We then recommend creating and activating a virtual environment by either

  • using venv:
    python3 -m venv ksdagg-env
    source ksdagg-env/bin/activate
    # can be deactivated by running:
    # deactivate
    
  • or using conda:
    conda create --name ksdagg-env python=3.9
    conda activate ksdagg-env
    # can be deactivated by running:
    # conda deactivate
    

The required packages can then be installed in the virtual environment by running

python -m pip install -r requirements.txt

Generating or downloading the data

The data for the Gaussian-Bernoulli Restricted Boltzmann Machine experiment and for the MNIST Normalizing Flow experiment can

  • be obtained by executing
    python generate_data_rbm.py
    python generate_data_nf.py
    
  • or, as running the above scripts can be computationally expensive, we also provide the option to download their outputs directly
    python download_data.py
    

Those scripts generate samples and compute their associated scores under the model for the different settings considered in our experiments, the data is saved in the new directory data.
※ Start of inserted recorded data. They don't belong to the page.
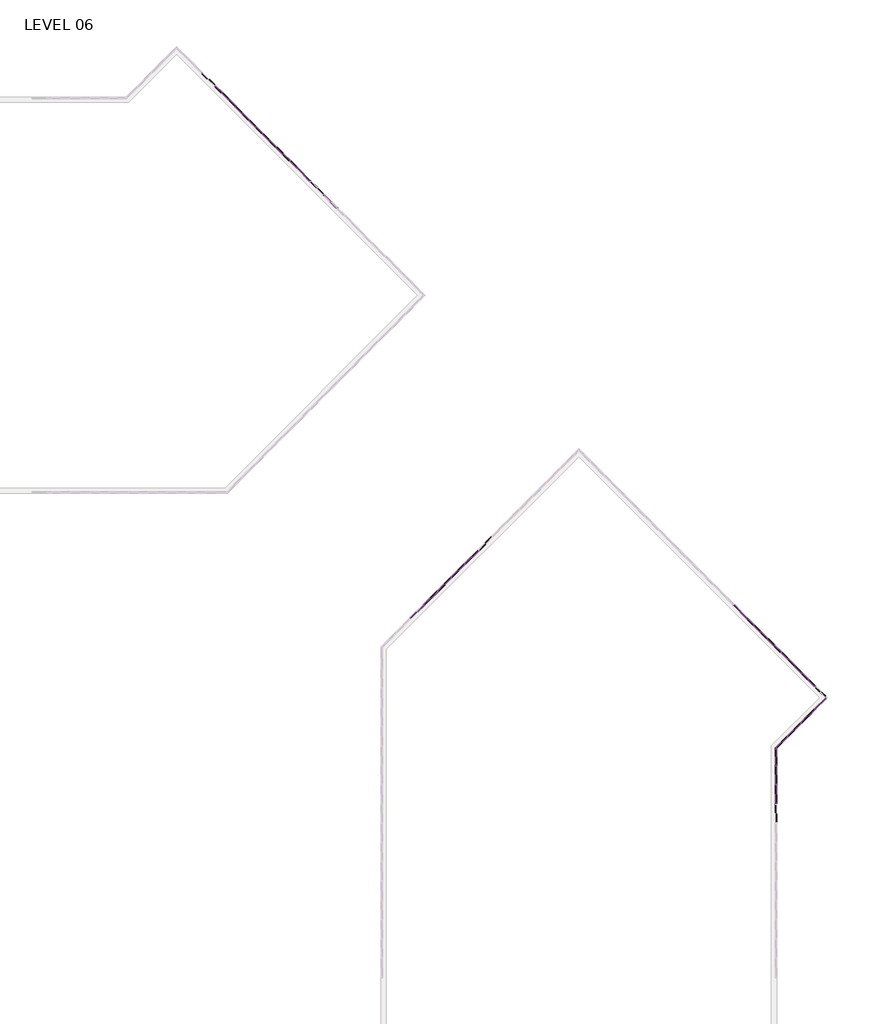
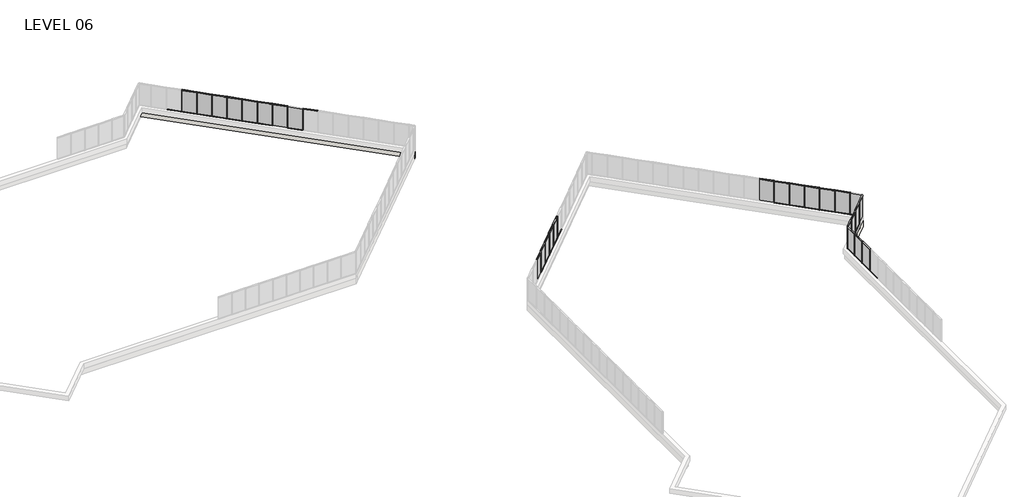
# One storey, part 16 of 17: 80 members, 27 plates, 2 walls.
"""IFC4 building model written with IfcOpenShell, lengths in millimetres."""

from ifc_helpers import new_model, si_unit, origin, place, context, project, spatial, faceted_brep, transform, mapped, element, save
from components import member_5247f267, member_e44af9ab, member_c23f844a, member_ed9c17d6, member_800970d4, member_45eb7f2e, member_53409b32, member_43bac76b, member_0b71a88d, plate_67294edd, plate_50b9cd61, plate_048e4634, plate_dca6a18a, plate_aaac5d3d, plate_9c66726c, plate_e0fd5134, plate_15429445, plate_0d1907f3, plate_903242d9

model = new_model("IFC4")

# Units and contexts
model_context = context("Model", 3, world=origin())
ifc_project = project(units=[si_unit("LENGTHUNIT", "METRE", prefix="MILLI")], contexts=[model_context])

# Site, building, storey
site = spatial("IfcSite", under=ifc_project)
building = spatial("IfcBuilding", under=site)
storey = spatial("IfcBuildingStorey", under=building, Name="LEVEL 06", Elevation=19596.1)

# Members
placement = place(None, origin())
member_shape = member_5247f267(model_context)
element("IfcMember", 1, ObjectType="Rectangular Mullion : 2\" x 4.5\" rectangular", at=placement, inside=storey, context=model_context, shape_type="MappedRepresentation", body=[
    mapped(member_shape, transform((56684.0325556, 112485.575885, 19596.1), x_axis=(0.0, 0.0, -1.0), y_axis=(0.7071067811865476, 0.7071067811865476, 0.0), z_axis=(0.7071067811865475, -0.7071067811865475, 0.0))),
])
element("IfcMember", 2, ObjectType="Rectangular Mullion : 2\" x 4.5\" rectangular", at=placement, inside=storey, context=model_context, shape_type="MappedRepresentation", body=[
    mapped(member_shape, transform((50242.2689164, 118927.3395242, 19596.1), x_axis=(0.0, 0.0, -1.0), y_axis=(0.7071067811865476, 0.7071067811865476, 0.0), z_axis=(0.7071067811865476, -0.7071067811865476, 0.0))),
])
element("IfcMember", 3, ObjectType="Rectangular Mullion : 2\" x 4.5\" rectangular", at=placement, inside=storey, context=model_context, shape_type="MappedRepresentation", body=[
    mapped(member_shape, transform((49164.6381819, 120004.9702587, 19596.1), x_axis=(0.0, 0.0, -1.0), y_axis=(0.7071067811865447, 0.7071067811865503, 0.0), z_axis=(0.7071067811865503, -0.7071067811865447, 0.0))),
])
element("IfcMember", 4, ObjectType="Rectangular Mullion : 2\" x 4.5\" rectangular", at=placement, inside=storey, context=model_context, shape_type="MappedRepresentation", body=[
    mapped(member_shape, transform((48087.0074473, 121082.6009932, 19596.1), x_axis=(0.0, 0.0, -1.0), y_axis=(0.7071067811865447, 0.7071067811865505, 0.0), z_axis=(0.7071067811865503, -0.7071067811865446, 0.0))),
])
element("IfcMember", 5, ObjectType="Rectangular Mullion : 2\" x 4.5\" rectangular", at=placement, inside=storey, context=model_context, shape_type="MappedRepresentation", body=[
    mapped(member_shape, transform((56719.9535801, 112449.6548605, 22186.9), x_axis=(0.0, 0.0, 1.0), y_axis=(0.7071067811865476, 0.7071067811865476, 0.0), z_axis=(-0.7071067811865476, 0.7071067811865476, 0.0))),
])
element("IfcMember", 6, ObjectType="Rectangular Mullion : 2\" x 4.5\" rectangular", at=placement, inside=storey, context=model_context, shape_type="MappedRepresentation", body=[
    mapped(member_shape, transform((49200.5592064, 119969.0492342, 22186.9), x_axis=(0.0, 0.0, 1.0), y_axis=(0.7071067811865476, 0.7071067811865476, 0.0), z_axis=(-0.7071067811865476, 0.7071067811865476, 0.0))),
])
element("IfcMember", 7, ObjectType="Rectangular Mullion : 2\" x 4.5\" rectangular", at=placement, inside=storey, context=model_context, shape_type="MappedRepresentation", body=[
    mapped(member_shape, transform((48122.9284718, 121046.6799687, 22186.9), x_axis=(0.0, 0.0, 1.0), y_axis=(0.7071067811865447, 0.7071067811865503, 0.0), z_axis=(-0.7071067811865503, 0.7071067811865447, 0.0))),
])
member_2_shape = member_e44af9ab(model_context)
element("IfcMember", 8, ObjectType="Rectangular Mullion : 2\" x 4.5\" rectangular", at=placement, inside=storey, context=model_context, shape_type="MappedRepresentation", body=[
    mapped(member_2_shape, transform((56701.9930678, 112467.6153727, 19596.1), x_axis=(-0.7071067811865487, 0.7071067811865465, 0.0), y_axis=(0.7071067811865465, 0.7071067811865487, 0.0), z_axis=(0.0, 0.0, -1.0))),
])
element("IfcMember", 9, ObjectType="Rectangular Mullion : 2\" x 4.5\" rectangular", at=placement, inside=storey, context=model_context, shape_type="MappedRepresentation", body=[
    mapped(member_2_shape, transform((55624.3980678, 113545.2103727, 19596.1), x_axis=(-0.7071067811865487, 0.7071067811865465, 0.0), y_axis=(0.7071067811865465, 0.7071067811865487, 0.0), z_axis=(0.0, 0.0, -1.0))),
])
element("IfcMember", 10, ObjectType="Rectangular Mullion : 2\" x 4.5\" rectangular", at=placement, inside=storey, context=model_context, shape_type="MappedRepresentation", body=[
    mapped(member_2_shape, transform((53475.159658, 115694.4487825, 19596.1), x_axis=(-0.7071067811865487, 0.7071067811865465, 0.0), y_axis=(0.7071067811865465, 0.7071067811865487, 0.0), z_axis=(0.0, 0.0, -1.0))),
])
element("IfcMember", 11, ObjectType="Rectangular Mullion : 2\" x 4.5\" rectangular", at=placement, inside=storey, context=model_context, shape_type="MappedRepresentation", body=[
    mapped(member_2_shape, transform((52403.5162482, 116766.0921923, 19596.1), x_axis=(-0.7071067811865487, 0.7071067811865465, 0.0), y_axis=(0.7071067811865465, 0.7071067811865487, 0.0), z_axis=(0.0, 0.0, -1.0))),
])
element("IfcMember", 12, ObjectType="Rectangular Mullion : 2\" x 4.5\" rectangular", at=placement, inside=storey, context=model_context, shape_type="MappedRepresentation", body=[
    mapped(member_2_shape, transform((51331.8728384, 117837.7356021, 19596.1), x_axis=(-0.7071067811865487, 0.7071067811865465, 0.0), y_axis=(0.7071067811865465, 0.7071067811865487, 0.0), z_axis=(0.0, 0.0, -1.0))),
])
element("IfcMember", 13, ObjectType="Rectangular Mullion : 2\" x 4.5\" rectangular", at=placement, inside=storey, context=model_context, shape_type="MappedRepresentation", body=[
    mapped(member_2_shape, transform((50260.2294286, 118909.3790119, 19596.1), x_axis=(-0.7071067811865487, 0.7071067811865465, 0.0), y_axis=(0.7071067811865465, 0.7071067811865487, 0.0), z_axis=(0.0, 0.0, -1.0))),
])
element("IfcMember", 14, ObjectType="Rectangular Mullion : 2\" x 4.5\" rectangular", at=placement, inside=storey, context=model_context, shape_type="MappedRepresentation", body=[
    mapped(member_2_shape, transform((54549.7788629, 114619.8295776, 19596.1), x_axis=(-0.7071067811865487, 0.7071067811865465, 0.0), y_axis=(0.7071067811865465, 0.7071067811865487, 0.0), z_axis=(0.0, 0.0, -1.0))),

Reproducing the experiments of the paper

First, for our three experiments, we compute KSD values to be used for the parametric bootstrap and save them in the directory parametric. This can be done by running

python generate_parametric.py

For convenience, we directly provide the directory parametric obtained by running this script.

To run the three experiments, the following commands can be executed

python experiment_gamma.py 
python experiment_rbm.py 
python experiment_nf.py 

Those commands run all the tests necessary for our experiments, the results are saved in dedicated .csv and .pkl files in the directory results (which is already provided for ease of use). Note that our expeiments are comprised of 'embarrassingly parallel for loops', for which significant speed up can be obtained by using parallel computing libraries such as joblib or dask.

The actual figures of the paper can be obtained from the saved dataframes in results by using the command

python figures.py  

The figures are saved in the directory figures and correspond to the ones used in our paper.

References

Our KSDAgg code is based our MMDAgg implementation which can be found at https://github.com/antoninschrab/mmdagg-paper.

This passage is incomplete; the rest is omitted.